The data:

------------------------------------------------------------

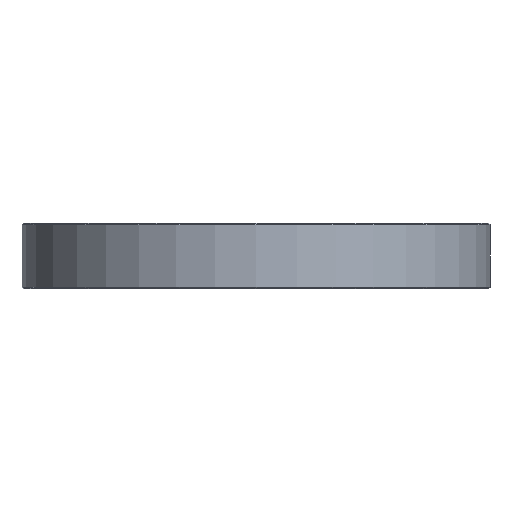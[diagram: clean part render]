
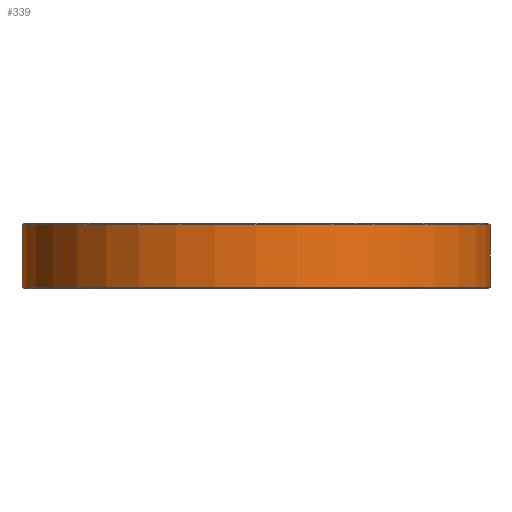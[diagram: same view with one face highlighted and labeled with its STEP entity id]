
A CAD part, front view. The second image highlights one B-rep face of the part: STEP entity #339.
In plain terms, the highlighted cylindrical face has radius 36 mm (diameter 72 mm), a partial arc.
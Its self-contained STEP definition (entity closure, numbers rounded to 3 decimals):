
#7 = DIRECTION ( 'NONE',  ( 0., 0., 1. ) ) ;
#11 = CARTESIAN_POINT ( 'NONE',  ( 36., 0., 10. ) ) ;
#13 = AXIS2_PLACEMENT_3D ( 'NONE', #447, #101, #67 ) ;
#18 = LINE ( 'NONE', #195, #366 ) ;
#31 = VERTEX_POINT ( 'NONE', #360 ) ;
#52 = CARTESIAN_POINT ( 'NONE',  ( 36., 0., 0.2 ) ) ;
#58 = ORIENTED_EDGE ( 'NONE', *, *, #113, .F. ) ;
#67 = DIRECTION ( 'NONE',  ( -1., 0., 0. ) ) ;
#85 = EDGE_CURVE ( 'NONE', #271, #169, #296, .T. ) ;
#93 = CARTESIAN_POINT ( 'NONE',  ( 0., 0., 9.8 ) ) ;
#101 = DIRECTION ( 'NONE',  ( 0., 0., -1. ) ) ;
#110 = LINE ( 'NONE', #11, #229 ) ;
#113 = EDGE_CURVE ( 'NONE', #31, #169, #110, .T. ) ;
#117 = ORIENTED_EDGE ( 'NONE', *, *, #266, .T. ) ;
#133 = CIRCLE ( 'NONE', #395, 36. ) ;
#141 = ORIENTED_EDGE ( 'NONE', *, *, #85, .T. ) ;
#150 = DIRECTION ( 'NONE',  ( 0., 0., -1. ) ) ;
#169 = VERTEX_POINT ( 'NONE', #52 ) ;
#191 = DIRECTION ( 'NONE',  ( 0., 0., -1. ) ) ;
#195 = CARTESIAN_POINT ( 'NONE',  ( -36., 0., 10. ) ) ;
#197 = DIRECTION ( 'NONE',  ( 1., 0., 0. ) ) ;
#229 = VECTOR ( 'NONE', #150, 1000. ) ;
#235 = FACE_OUTER_BOUND ( 'NONE', #326, .T. ) ;
#243 = CARTESIAN_POINT ( 'NONE',  ( -36., 0., 9.8 ) ) ;
#266 = EDGE_CURVE ( 'NONE', #323, #271, #18, .T. ) ;
#271 = VERTEX_POINT ( 'NONE', #332 ) ;
#296 = CIRCLE ( 'NONE', #433, 36. ) ;
#306 = CYLINDRICAL_SURFACE ( 'NONE', #13, 36. ) ;
#314 = EDGE_CURVE ( 'NONE', #31, #323, #133, .T. ) ;
#319 = DIRECTION ( 'NONE',  ( 1., 0., 0. ) ) ;
#320 = ORIENTED_EDGE ( 'NONE', *, *, #314, .T. ) ;
#323 = VERTEX_POINT ( 'NONE', #243 ) ;
#326 = EDGE_LOOP ( 'NONE', ( #58, #320, #117, #141 ) ) ;
#332 = CARTESIAN_POINT ( 'NONE',  ( -36., 0., 0.2 ) ) ;
#339 = ADVANCED_FACE ( 'NONE', ( #235 ), #306, .T. ) ;
#356 = CARTESIAN_POINT ( 'NONE',  ( 0., 0., 0.2 ) ) ;
#360 = CARTESIAN_POINT ( 'NONE',  ( 36., 0., 9.8 ) ) ;
#366 = VECTOR ( 'NONE', #191, 1000. ) ;
#388 = DIRECTION ( 'NONE',  ( 0., 0., -1. ) ) ;
#395 = AXIS2_PLACEMENT_3D ( 'NONE', #93, #388, #197 ) ;
#433 = AXIS2_PLACEMENT_3D ( 'NONE', #356, #7, #319 ) ;
#447 = CARTESIAN_POINT ( 'NONE',  ( 0., 0., 10. ) ) ;

------------------------------------------------------------

Work instruction: Could you return all lines from the records that include the word "VECTOR"?

Exercise result:
#229 = VECTOR ( 'NONE', #150, 1000. ) ;
#366 = VECTOR ( 'NONE', #191, 1000. ) ;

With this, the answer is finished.